Records contained in a dataset
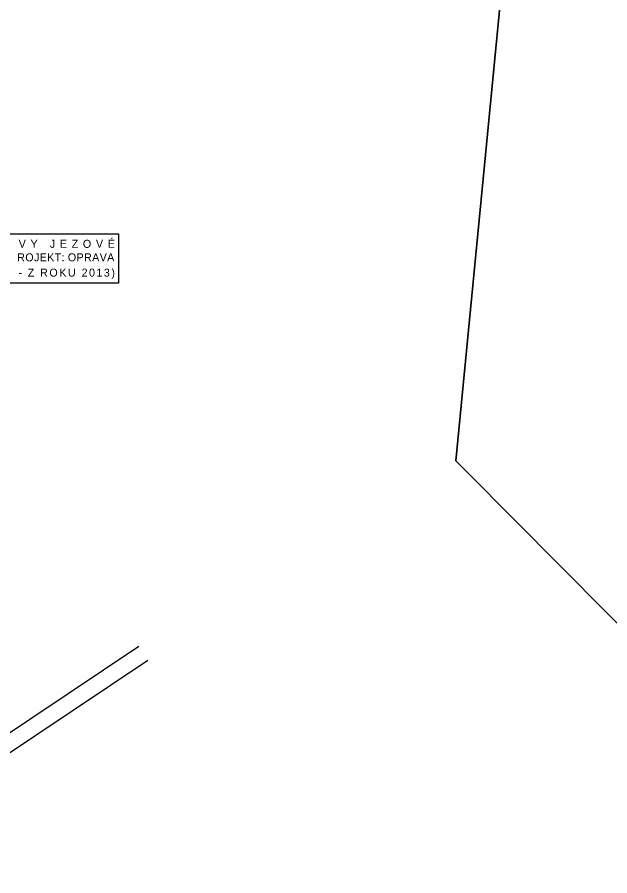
# Model space of a CAD drawing. Extents: x -555757 to -553364, y -1100723 to -1096439.
# Drawn here: x -554109.2 to -553924, y -1097021.4 to -1096753.2 of the extents above; entities that cross this region are included whole.
import ezdxf

# ---------------------------------------------------------------- set-up
doc = ezdxf.new("R2010")
doc.units = 0
for name, color, linetype in [('00_NÁVRH - Popis', 7, 'Continuous'), ('POPIS', 7, 'Continuous'), ('zájem', 7, 'Continuous')]:
    doc.layers.add(name, color=color, linetype=linetype)

msp = doc.modelspace()

# ---------------------------------------------------------------- linework, layer by layer
at = {"layer": '00_NÁVRH - Popis'}
msp.add_lwpolyline([(-554146.49, -1096820.9), (-554077.47, -1096820.9), (-554077.47, -1096836.27), (-554146.49, -1096836.27)], close=True, dxfattribs=at)
at = {"layer": 'POPIS'}
for p, q in [((-554071.17, -1096949.74), (-554178.06, -1097021.4)), ((-554163.09, -1097017.48), (-554068.32, -1096954.02))]:
    msp.add_line(p, q, dxfattribs=at)
at = {"layer": 'zájem'}
for points in [[(-553895.73, -1096968.62), (-553968.44, -1096895.48), (-553972.09, -1096891.8), (-553954.59, -1096711.31), (-553940.56, -1096702.53), (-553941.94, -1096699.09), (-553940.67, -1096693.09), (-553930.01, -1096689.96), (-553913.04, -1096676.61)], [(-553913.04, -1096676.61), (-553930.01, -1096689.96), (-553940.67, -1096693.09), (-553941.94, -1096699.09), (-553940.56, -1096702.53), (-553954.59, -1096711.31), (-553972.09, -1096891.8), (-553968.44, -1096895.48), (-553895.73, -1096968.62)]]:
    msp.add_lwpolyline(points, dxfattribs=at)

# ---------------------------------------------------------------- texts
at = {"layer": '00_NÁVRH - Popis'}
for s, p in [('É', (-554080.85, -1096825.28)), ('V', (-554108.7, -1096825.28)), ('Y', (-554105, -1096825.28)), ('J', (-554098.96, -1096825.28)), ('E', (-554095.84, -1096825.28)), ('Z', (-554092.14, -1096825.28)), ('O', (-554088.64, -1096825.28)), ('V', (-554084.55, -1096825.28)), ('R', (-554109.17, -1096829.5)), ('O', (-554106.63, -1096829.5)), ('J', (-554103.9, -1096829.5)), ('E', (-554102.14, -1096829.5)), ('K', (-554099.8, -1096829.5)), ('T', (-554097.46, -1096829.5)), ('O', (-554093.34, -1096829.5)), ('P', (-554090.61, -1096829.5)), ('R', (-554088.27, -1096829.5)), ('A', (-554085.74, -1096829.5)), ('V', (-554083.39, -1096829.5)), ('A', (-554081.05, -1096829.5)), (':', (-554095.31, -1096829.5)), ('Z', (-554105.86, -1096834.28)), ('R', (-554102, -1096834.28)), ('O', (-554099.1, -1096834.28)), ('K', (-554096, -1096834.28)), ('U', (-554093.29, -1096834.28)), ('2', (-554089.04, -1096834.28)), ('0', (-554086.71, -1096834.28)), ('1', (-554084.39, -1096834.28)), ('3', (-554082.07, -1096834.28)), (')', (-554079.74, -1096834.28)), ('-', (-554108.76, -1096834.28))]:
    msp.add_text(s, height=2.5, dxfattribs=at).set_placement(p)

doc.saveas('drawing.dxf')

* **Problem to work on**
All lines above from the one with "# Drawn here: x" to the one with "msp.add_line(p, q, dxfattribs=at)", inclusive, should be copied exactly, and no other lines.

* **Solution for this exercise**
# Drawn here: x -554109.2 to -553924, y -1097021.4 to -1096753.2 of the extents above; entities that cross this region are included whole.
import ezdxf

# ---------------------------------------------------------------- set-up
doc = ezdxf.new("R2010")
doc.units = 0
for name, color, linetype in [('00_NÁVRH - Popis', 7, 'Continuous'), ('POPIS', 7, 'Continuous'), ('zájem', 7, 'Continuous')]:
    doc.layers.add(name, color=color, linetype=linetype)

msp = doc.modelspace()

# ---------------------------------------------------------------- linework, layer by layer
at = {"layer": '00_NÁVRH - Popis'}
msp.add_lwpolyline([(-554146.49, -1096820.9), (-554077.47, -1096820.9), (-554077.47, -1096836.27), (-554146.49, -1096836.27)], close=True, dxfattribs=at)
at = {"layer": 'POPIS'}
for p, q in [((-554071.17, -1096949.74), (-554178.06, -1097021.4)), ((-554163.09, -1097017.48), (-554068.32, -1096954.02))]:
    msp.add_line(p, q, dxfattribs=at)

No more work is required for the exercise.